Sam Puckett, a short, young woman of 18 years with long, curly, blond hair and pretty blue eyes grinned as she looked up at her dark haired lover, Shane. She sighed contentedly and stood up on her tiptoes to kiss him passionately. As they kissed an old station wagon pulled up, where Freddie Benson, a medium height, young man of 19 years with dark brown hair nicely combed and meatball brown eyes, watched the kissing couple awkwardly, not sure what to do.

"I love you" Shane said sweetly, pecking his girlfriend's nose. Freddie rolled his eyes, slightly annoyed that they haven't acknowledged his presences one bit.

"I love you" Sam replied with a smirk on her lips as she dove in for, yet another, goodbye kiss. Freddie once again rolled his eyes.

"Kmm kmm... Kmm Kmm" Freddie grunted, clearing his throat in an attempt to get the parting lovers' attentions, but they were still wrapped up in their kiss.

"KMMM!" Freddie cleared his throat again, this time more assertive, successfully separating the couple from their spit swapping.

"Oh, hi Freddie. Freddie, this is Sam Puckett. Sam, this is Freddie Benson." Shane said, obviously embarrassed.

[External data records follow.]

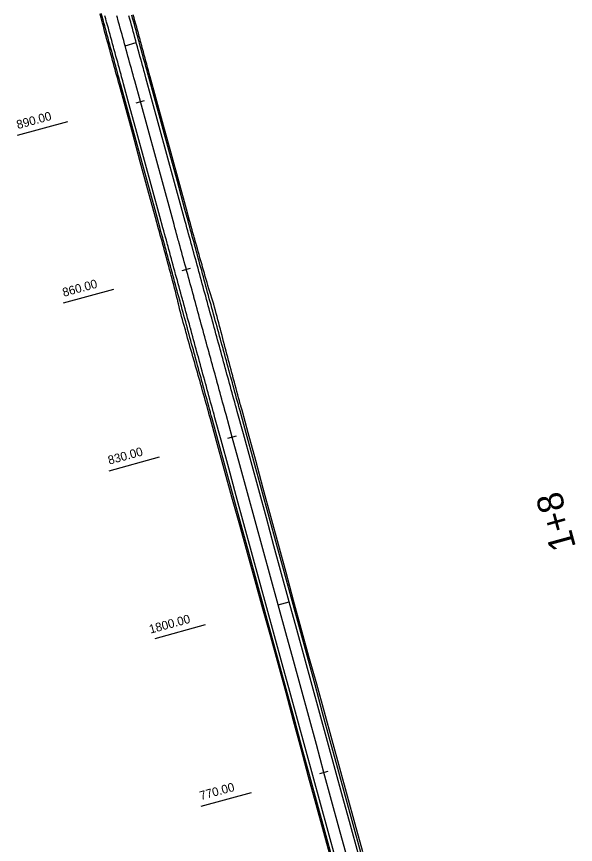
# Model space of a CAD drawing. Extents: x -550605 to -538780, y -1102367 to -1093705.
# Drawn here: x -547558.2 to -547461.7, y -1100514.3 to -1100371.5 of the extents above; entities that cross this region are included whole.
import ezdxf

# ---------------------------------------------------------------- set-up
doc = ezdxf.new("R2010")
doc.units = 0
for name, color, linetype in [('SIT - hrany vozovky', 7, 'Continuous'), ('SIT - osa cesty', 7, 'Continuous'), ('SIT - paty násypů', 7, 'Continuous'), ('SIT - staničení po 100m', 7, 'Continuous'), ('SIT - staničení po 30m', 7, 'Continuous')]:
    doc.layers.add(name, color=color, linetype=linetype)

msp = doc.modelspace()

# ---------------------------------------------------------------- linework, layer by layer
at = {"layer": 'SIT - hrany vozovky'}
for points in [[(-547503.59, -1100517.03), (-547504.91, -1100512.21), (-547506.23, -1100507.39), (-547507.55, -1100502.56), (-547508.87, -1100497.74), (-547510.19, -1100492.92), (-547511.51, -1100488.09), (-547512.83, -1100483.27), (-547514.15, -1100478.45), (-547515.47, -1100473.63), (-547516.79, -1100468.8), (-547518.11, -1100463.98), (-547519.43, -1100459.16), (-547520.74, -1100454.34), (-547522.06, -1100449.51), (-547523.38, -1100444.69), (-547524.44, -1100440.83), (-547524.59, -1100440.29), (-547524.7, -1100439.87), (-547524.74, -1100439.75), (-547524.88, -1100439.22), (-547525.03, -1100438.68), (-547525.18, -1100438.14), (-547525.32, -1100437.6), (-547525.47, -1100437.07), (-547525.62, -1100436.53), (-547525.77, -1100435.99), (-547525.91, -1100435.45), (-547526.02, -1100435.05), (-547526.06, -1100434.92), (-547526.21, -1100434.38), (-547526.35, -1100433.84), (-547526.5, -1100433.3), (-547526.65, -1100432.77), (-547526.8, -1100432.23), (-547526.94, -1100431.69), (-547527.09, -1100431.15), (-547527.24, -1100430.62), (-547527.34, -1100430.22), (-547527.38, -1100430.08), (-547527.53, -1100429.54), (-547527.68, -1100429), (-547527.83, -1100428.47), (-547527.97, -1100427.93), (-547528.12, -1100427.39), (-547528.27, -1100426.85), (-547528.41, -1100426.32), (-547528.56, -1100425.78), (-547528.66, -1100425.4), (-547528.71, -1100425.24), (-547528.86, -1100424.7), (-547529, -1100424.17), (-547529.15, -1100423.63), (-547529.3, -1100423.09), (-547529.44, -1100422.56), (-547529.59, -1100422.02), (-547529.74, -1100421.48), (-547529.88, -1100420.94), (-547529.98, -1100420.58), (-547530.03, -1100420.41), (-547530.18, -1100419.87), (-547530.33, -1100419.33), (-547530.47, -1100418.79), (-547530.62, -1100418.26), (-547530.77, -1100417.72), (-547530.91, -1100417.18), (-547531.06, -1100416.64), (-547531.21, -1100416.11), (-547531.3, -1100415.76), (-547531.36, -1100415.57), (-547531.5, -1100415.03), (-547531.65, -1100414.49), (-547531.8, -1100413.96), (-547531.94, -1100413.42), (-547532.09, -1100412.88), (-547532.24, -1100412.34), (-547532.39, -1100411.81), (-547532.53, -1100411.27), (-547532.62, -1100410.93), (-547532.68, -1100410.73), (-547532.83, -1100410.19), (-547532.97, -1100409.66), (-547533.12, -1100409.12), (-547533.27, -1100408.58), (-547533.42, -1100408.04), (-547533.94, -1100406.11), (-547535.26, -1100401.29), (-547536.58, -1100396.47), (-547537.9, -1100391.64), (-547539.22, -1100386.82), (-547540.2, -1100383.25), (-547540.35, -1100382.71), (-547540.49, -1100382.18), (-547540.54, -1100382), (-547540.64, -1100381.64), (-547540.79, -1100381.11), (-547540.93, -1100380.58), (-547541.08, -1100380.04), (-547541.23, -1100379.51), (-547541.37, -1100378.97), (-547541.52, -1100378.44), (-547541.66, -1100377.91), (-547541.81, -1100377.37), (-547541.86, -1100377.17), (-547541.96, -1100376.84), (-547542.1, -1100376.3), (-547542.25, -1100375.77), (-547542.39, -1100375.24), (-547542.54, -1100374.7), (-547542.69, -1100374.17), (-547542.83, -1100373.63), (-547542.98, -1100373.1), (-547543.13, -1100372.57), (-547543.18, -1100372.35), (-547543.27, -1100372.03), (-547543.42, -1100371.5), (-547543.56, -1100370.97)], [(-547503.1, -1100516.9), (-547504.42, -1100512.08), (-547505.74, -1100507.25), (-547507.06, -1100502.43), (-547508.38, -1100497.61), (-547509.7, -1100492.79), (-547511.02, -1100487.96), (-547512.34, -1100483.14), (-547513.66, -1100478.32), (-547514.98, -1100473.5), (-547516.3, -1100468.67), (-547517.62, -1100463.85), (-547518.94, -1100459.03), (-547520.26, -1100454.2), (-547521.58, -1100449.38), (-547522.9, -1100444.56), (-547523.96, -1100440.7), (-547524.11, -1100440.16), (-547524.22, -1100439.74), (-547524.25, -1100439.62), (-547524.4, -1100439.09), (-547524.55, -1100438.55), (-547524.7, -1100438.01), (-547524.84, -1100437.47), (-547524.99, -1100436.94), (-547525.14, -1100436.4), (-547525.28, -1100435.86), (-547525.43, -1100435.32), (-547525.54, -1100434.91), (-547525.58, -1100434.79), (-547525.72, -1100434.25), (-547525.87, -1100433.71), (-547526.02, -1100433.17), (-547526.17, -1100432.64), (-547526.31, -1100432.1), (-547526.46, -1100431.56), (-547526.61, -1100431.02), (-547526.75, -1100430.49), (-547526.86, -1100430.09), (-547526.9, -1100429.95), (-547527.05, -1100429.41), (-547527.2, -1100428.87), (-547527.34, -1100428.34), (-547527.49, -1100427.8), (-547527.64, -1100427.26), (-547527.78, -1100426.72), (-547527.93, -1100426.19), (-547528.08, -1100425.65), (-547528.18, -1100425.27), (-547528.23, -1100425.11), (-547528.37, -1100424.57), (-547528.52, -1100424.04), (-547528.67, -1100423.5), (-547528.81, -1100422.96), (-547528.96, -1100422.42), (-547529.11, -1100421.89), (-547529.26, -1100421.35), (-547529.4, -1100420.81), (-547529.5, -1100420.45), (-547529.55, -1100420.27), (-547529.7, -1100419.74), (-547529.84, -1100419.2), (-547529.99, -1100418.66), (-547530.14, -1100418.12), (-547530.29, -1100417.59), (-547530.43, -1100417.05), (-547530.58, -1100416.51), (-547530.73, -1100415.97), (-547530.82, -1100415.62), (-547530.87, -1100415.44), (-547531.02, -1100414.9), (-547531.17, -1100414.36), (-547531.32, -1100413.82), (-547531.46, -1100413.29), (-547531.61, -1100412.75), (-547531.76, -1100412.21), (-547531.9, -1100411.67), (-547532.05, -1100411.14), (-547532.14, -1100410.8), (-547532.2, -1100410.6), (-547532.34, -1100410.06), (-547532.49, -1100409.52), (-547532.64, -1100408.99), (-547532.79, -1100408.45), (-547532.93, -1100407.91), (-547533.46, -1100405.98), (-547534.78, -1100401.16), (-547536.1, -1100396.33), (-547537.42, -1100391.51), (-547538.74, -1100386.69), (-547539.72, -1100383.11), (-547539.87, -1100382.58), (-547540.01, -1100382.05), (-547540.06, -1100381.87), (-547540.16, -1100381.51), (-547540.3, -1100380.98), (-547540.45, -1100380.44), (-547540.6, -1100379.91), (-547540.74, -1100379.38), (-547540.89, -1100378.84), (-547541.04, -1100378.31), (-547541.18, -1100377.77), (-547541.33, -1100377.24), (-547541.38, -1100377.04), (-547541.47, -1100376.71), (-547541.62, -1100376.17), (-547541.77, -1100375.64), (-547541.91, -1100375.1), (-547542.06, -1100374.57), (-547542.2, -1100374.04), (-547542.35, -1100373.5), (-547542.5, -1100372.97), (-547542.64, -1100372.43), (-547542.7, -1100372.22), (-547542.79, -1100371.9), (-547542.94, -1100371.37)], [(-547499.25, -1100515.84), (-547500.57, -1100511.02), (-547501.89, -1100506.2), (-547503.21, -1100501.37), (-547504.53, -1100496.55), (-547505.84, -1100491.73), (-547507.16, -1100486.91), (-547508.48, -1100482.08), (-547509.8, -1100477.26), (-547511.12, -1100472.44), (-547512.44, -1100467.62), (-547513.76, -1100462.79), (-547515.08, -1100457.97), (-547516.4, -1100453.15), (-547517.72, -1100448.33), (-547519.04, -1100443.5), (-547520.1, -1100439.64), (-547520.25, -1100439.1), (-547520.36, -1100438.68), (-547520.4, -1100438.57), (-547520.54, -1100438.03), (-547520.69, -1100437.49), (-547520.84, -1100436.95), (-547520.98, -1100436.42), (-547521.13, -1100435.88), (-547521.28, -1100435.34), (-547521.43, -1100434.8), (-547521.57, -1100434.27), (-547521.68, -1100433.86), (-547521.72, -1100433.73), (-547521.87, -1100433.19), (-547522.01, -1100432.65), (-547522.16, -1100432.12), (-547522.31, -1100431.58), (-547522.46, -1100431.04), (-547522.6, -1100430.5), (-547522.75, -1100429.97), (-547522.9, -1100429.43), (-547523, -1100429.04), (-547523.04, -1100428.89), (-547523.19, -1100428.35), (-547523.34, -1100427.82), (-547523.49, -1100427.28), (-547523.63, -1100426.74), (-547523.78, -1100426.2), (-547523.93, -1100425.67), (-547524.07, -1100425.13), (-547524.22, -1100424.59), (-547524.32, -1100424.21), (-547524.37, -1100424.05), (-547524.51, -1100423.52), (-547524.66, -1100422.98), (-547524.81, -1100422.44), (-547524.96, -1100421.9), (-547525.1, -1100421.37), (-547525.25, -1100420.83), (-547525.4, -1100420.29), (-547525.54, -1100419.75), (-547525.64, -1100419.39), (-547525.69, -1100419.22), (-547525.84, -1100418.68), (-547525.99, -1100418.14), (-547526.13, -1100417.6), (-547526.28, -1100417.07), (-547526.43, -1100416.53), (-547526.57, -1100415.99), (-547526.72, -1100415.45), (-547526.87, -1100414.92), (-547526.96, -1100414.57), (-547527.02, -1100414.38), (-547527.16, -1100413.84), (-547527.31, -1100413.3), (-547527.46, -1100412.77), (-547527.6, -1100412.23), (-547527.75, -1100411.69), (-547527.9, -1100411.15), (-547528.05, -1100410.62), (-547528.19, -1100410.08), (-547528.28, -1100409.74), (-547528.34, -1100409.54), (-547528.49, -1100409), (-547528.63, -1100408.47), (-547528.78, -1100407.93), (-547528.93, -1100407.39), (-547529.08, -1100406.85), (-547529.6, -1100404.92), (-547530.92, -1100400.1), (-547532.24, -1100395.28), (-547533.56, -1100390.45), (-547534.88, -1100385.63), (-547535.86, -1100382.06), (-547536.01, -1100381.52), (-547536.15, -1100380.99), (-547536.2, -1100380.81), (-547536.3, -1100380.46), (-547536.45, -1100379.92), (-547536.59, -1100379.39), (-547536.74, -1100378.85), (-547536.89, -1100378.32), (-547537.03, -1100377.79), (-547537.18, -1100377.25), (-547537.32, -1100376.72), (-547537.47, -1100376.18), (-547537.52, -1100375.99), (-547537.62, -1100375.65), (-547537.76, -1100375.12), (-547537.91, -1100374.58), (-547538.05, -1100374.05), (-547538.2, -1100373.51), (-547538.35, -1100372.98), (-547538.49, -1100372.45), (-547538.64, -1100371.91), (-547538.79, -1100371.38)], [(-547498.76, -1100515.71), (-547500.08, -1100510.89), (-547501.4, -1100506.07), (-547502.72, -1100501.24), (-547504.04, -1100496.42), (-547505.36, -1100491.6), (-547506.68, -1100486.77), (-547508, -1100481.95), (-547509.32, -1100477.13), (-547510.64, -1100472.31), (-547511.96, -1100467.48), (-547513.28, -1100462.66), (-547514.6, -1100457.84), (-547515.92, -1100453.02), (-547517.24, -1100448.19), (-547518.56, -1100443.37), (-547519.62, -1100439.51), (-547519.77, -1100438.97), (-547519.88, -1100438.55), (-547519.91, -1100438.43), (-547520.06, -1100437.9), (-547520.21, -1100437.36), (-547520.35, -1100436.82), (-547520.5, -1100436.28), (-547520.65, -1100435.75), (-547520.8, -1100435.21), (-547520.94, -1100434.67), (-547521.09, -1100434.13), (-547521.2, -1100433.73), (-547521.24, -1100433.6), (-547521.38, -1100433.06), (-547521.53, -1100432.52), (-547521.68, -1100431.98), (-547521.83, -1100431.45), (-547521.97, -1100430.91), (-547522.12, -1100430.37), (-547522.27, -1100429.84), (-547522.41, -1100429.3), (-547522.52, -1100428.9), (-547522.56, -1100428.76), (-547522.71, -1100428.22), (-547522.86, -1100427.69), (-547523, -1100427.15), (-547523.15, -1100426.61), (-547523.3, -1100426.07), (-547523.44, -1100425.54), (-547523.59, -1100425), (-547523.74, -1100424.46), (-547523.84, -1100424.08), (-547523.89, -1100423.92), (-547524.03, -1100423.39), (-547524.18, -1100422.85), (-547524.33, -1100422.31), (-547524.47, -1100421.77), (-547524.62, -1100421.24), (-547524.77, -1100420.7), (-547524.92, -1100420.16), (-547525.06, -1100419.62), (-547525.16, -1100419.26), (-547525.21, -1100419.09), (-547525.36, -1100418.55), (-547525.5, -1100418.01), (-547525.65, -1100417.47), (-547525.8, -1100416.94), (-547525.95, -1100416.4), (-547526.09, -1100415.86), (-547526.24, -1100415.32), (-547526.39, -1100414.79), (-547526.48, -1100414.44), (-547526.53, -1100414.25), (-547526.68, -1100413.71), (-547526.83, -1100413.17), (-547526.97, -1100412.64), (-547527.12, -1100412.1), (-547527.27, -1100411.56), (-547527.42, -1100411.02), (-547527.56, -1100410.49), (-547527.71, -1100409.95), (-547527.8, -1100409.61), (-547527.86, -1100409.41), (-547528, -1100408.87), (-547528.15, -1100408.34), (-547528.3, -1100407.8), (-547528.45, -1100407.26), (-547528.59, -1100406.72), (-547529.12, -1100404.79), (-547530.44, -1100399.97), (-547531.76, -1100395.15), (-547533.08, -1100390.32), (-547534.4, -1100385.5), (-547535.38, -1100381.93), (-547535.53, -1100381.39), (-547535.67, -1100380.86), (-547535.72, -1100380.68), (-547535.82, -1100380.32), (-547535.96, -1100379.79), (-547536.11, -1100379.26), (-547536.26, -1100378.72), (-547536.4, -1100378.19), (-547536.55, -1100377.65), (-547536.7, -1100377.12), (-547536.84, -1100376.59), (-547536.99, -1100376.05), (-547537.04, -1100375.85), (-547537.13, -1100375.52), (-547537.28, -1100374.98), (-547537.43, -1100374.45), (-547537.57, -1100373.92), (-547537.72, -1100373.38), (-547537.86, -1100372.85), (-547538.01, -1100372.31), (-547538.16, -1100371.78), (-547538.3, -1100371.25)]]:
    msp.add_lwpolyline(points, dxfattribs=at)
at = {"layer": 'SIT - osa cesty'}
msp.add_lwpolyline([(-547501.17, -1100516.37), (-547502.49, -1100511.55), (-547503.81, -1100506.73), (-547505.13, -1100501.9), (-547506.45, -1100497.08), (-547507.77, -1100492.26), (-547509.09, -1100487.43), (-547510.41, -1100482.61), (-547511.73, -1100477.79), (-547513.05, -1100472.97), (-547514.37, -1100468.14), (-547515.69, -1100463.32), (-547517.01, -1100458.5), (-547518.33, -1100453.68), (-547519.65, -1100448.85), (-547520.97, -1100444.03), (-547522.03, -1100440.17), (-547522.18, -1100439.63), (-547522.29, -1100439.21), (-547522.32, -1100439.09), (-547522.47, -1100438.56), (-547522.62, -1100438.02), (-547522.77, -1100437.48), (-547522.91, -1100436.94), (-547523.06, -1100436.41), (-547523.21, -1100435.87), (-547523.35, -1100435.33), (-547523.5, -1100434.79), (-547523.61, -1100434.39), (-547523.65, -1100434.26), (-547523.8, -1100433.72), (-547523.94, -1100433.18), (-547524.09, -1100432.64), (-547524.24, -1100432.11), (-547524.38, -1100431.57), (-547524.53, -1100431.03), (-547524.68, -1100430.49), (-547524.83, -1100429.96), (-547524.93, -1100429.56), (-547524.97, -1100429.42), (-547525.12, -1100428.88), (-547525.27, -1100428.34), (-547525.41, -1100427.81), (-547525.56, -1100427.27), (-547525.71, -1100426.73), (-547525.86, -1100426.2), (-547526, -1100425.66), (-547526.15, -1100425.12), (-547526.25, -1100424.74), (-547526.3, -1100424.58), (-547526.44, -1100424.05), (-547526.59, -1100423.51), (-547526.74, -1100422.97), (-547526.89, -1100422.43), (-547527.03, -1100421.9), (-547527.18, -1100421.36), (-547527.33, -1100420.82), (-547527.47, -1100420.28), (-547527.57, -1100419.92), (-547527.62, -1100419.75), (-547527.77, -1100419.21), (-547527.91, -1100418.67), (-547528.06, -1100418.13), (-547528.21, -1100417.6), (-547528.36, -1100417.06), (-547528.5, -1100416.52), (-547528.65, -1100415.98), (-547528.8, -1100415.45), (-547528.89, -1100415.1), (-547528.94, -1100414.91), (-547529.09, -1100414.37), (-547529.24, -1100413.83), (-547529.39, -1100413.3), (-547529.53, -1100412.76), (-547529.68, -1100412.22), (-547529.83, -1100411.68), (-547529.97, -1100411.15), (-547530.12, -1100410.61), (-547530.21, -1100410.27), (-547530.27, -1100410.07), (-547530.42, -1100409.53), (-547530.56, -1100409), (-547530.71, -1100408.46), (-547530.86, -1100407.92), (-547531, -1100407.38), (-547531.53, -1100405.45), (-547532.85, -1100400.63), (-547534.17, -1100395.81), (-547535.49, -1100390.98), (-547536.81, -1100386.16), (-547537.79, -1100382.59), (-547537.94, -1100382.05), (-547538.08, -1100381.52), (-547538.13, -1100381.34), (-547538.23, -1100380.98), (-547538.38, -1100380.45), (-547538.52, -1100379.92), (-547538.67, -1100379.38), (-547538.81, -1100378.85), (-547538.96, -1100378.31), (-547539.11, -1100377.78), (-547539.25, -1100377.25), (-547539.4, -1100376.71), (-547539.45, -1100376.51), (-547539.55, -1100376.18), (-547539.69, -1100375.64), (-547539.84, -1100375.11), (-547539.98, -1100374.58), (-547540.13, -1100374.04), (-547540.28, -1100373.51), (-547540.42, -1100372.97), (-547540.57, -1100372.44), (-547540.71, -1100371.91), (-547540.77, -1100371.69), (-547540.86, -1100371.37)], dxfattribs=at)
at = {"layer": 'SIT - paty násypů'}
for points in [[(-547503.86, -1100517.11), (-547505.17, -1100512.28), (-547506.47, -1100507.45), (-547507.78, -1100502.63), (-547509.08, -1100497.8), (-547510.38, -1100492.97), (-547511.66, -1100488.14), (-547512.98, -1100483.32), (-547514.33, -1100478.5), (-547515.67, -1100473.68), (-547517.01, -1100468.86), (-547518.34, -1100464.05), (-547519.68, -1100459.23), (-547521.02, -1100454.41), (-547522.35, -1100449.59), (-547523.67, -1100444.77), (-547524.73, -1100440.91), (-547524.88, -1100440.37), (-547525, -1100439.95), (-547525.03, -1100439.83), (-547525.18, -1100439.3), (-547525.32, -1100438.76), (-547525.47, -1100438.22), (-547525.62, -1100437.69), (-547525.77, -1100437.15), (-547525.92, -1100436.61), (-547526.07, -1100436.08), (-547526.22, -1100435.54), (-547526.33, -1100435.13), (-547526.37, -1100435), (-547526.52, -1100434.46), (-547526.67, -1100433.93), (-547526.82, -1100433.39), (-547526.97, -1100432.86), (-547527.12, -1100432.32), (-547527.28, -1100431.78), (-547527.43, -1100431.25), (-547527.59, -1100430.71), (-547527.7, -1100430.32), (-547527.75, -1100430.18), (-547527.9, -1100429.64), (-547528.06, -1100429.11), (-547528.21, -1100428.57), (-547528.36, -1100428.04), (-547528.51, -1100427.5), (-547528.66, -1100426.96), (-547528.81, -1100426.42), (-547528.96, -1100425.89), (-547529.06, -1100425.51), (-547529.11, -1100425.35), (-547529.26, -1100424.81), (-547529.41, -1100424.28), (-547529.56, -1100423.74), (-547529.71, -1100423.21), (-547529.86, -1100422.67), (-547529.99, -1100422.13), (-547530.11, -1100421.58), (-547530.25, -1100421.04), (-547530.34, -1100420.67), (-547530.38, -1100420.5), (-547530.51, -1100419.96), (-547530.64, -1100419.42), (-547530.78, -1100418.88), (-547530.91, -1100418.33), (-547531.05, -1100417.8), (-547531.2, -1100417.26), (-547531.34, -1100416.72), (-547531.49, -1100416.18), (-547531.58, -1100415.83), (-547531.63, -1100415.64), (-547531.77, -1100415.1), (-547531.92, -1100414.57), (-547532.06, -1100414.03), (-547532.21, -1100413.49), (-547532.35, -1100412.95), (-547532.5, -1100412.41), (-547532.65, -1100411.88), (-547532.79, -1100411.34), (-547532.88, -1100411), (-547532.94, -1100410.8), (-547533.08, -1100410.26), (-547533.23, -1100409.73), (-547533.38, -1100409.19), (-547533.52, -1100408.65), (-547533.67, -1100408.11), (-547534.2, -1100406.18), (-547535.52, -1100401.36), (-547536.84, -1100396.54), (-547538.15, -1100391.71), (-547539.46, -1100386.89), (-547540.45, -1100383.31), (-547540.6, -1100382.78), (-547540.74, -1100382.25), (-547540.79, -1100382.07), (-547540.89, -1100381.71), (-547541.04, -1100381.18), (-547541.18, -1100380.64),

"Nice to meet you." Sam said, trying to be polite, even though something about this Freddie guy gave her the feeling he was gonna be a complete nub. Freddie smiled back in a friendly manner and stuck his hand out for Sam to shake.

"You want to drive the first shift?" Freddie asked. Sam shook her head and picked up her bag.

"No, you're there already you can start." Sam said.

"Well… Back's open." Freddie said and Shane nodded taking the bag from Sam and opening the trunk to place it inside for her. She grinned and leaned upwards to kiss him once more.

"Call me." Shane said once they separated.

"I'll call you as soon as I get there." Sam said, but Shane didn't seem satisfied with that.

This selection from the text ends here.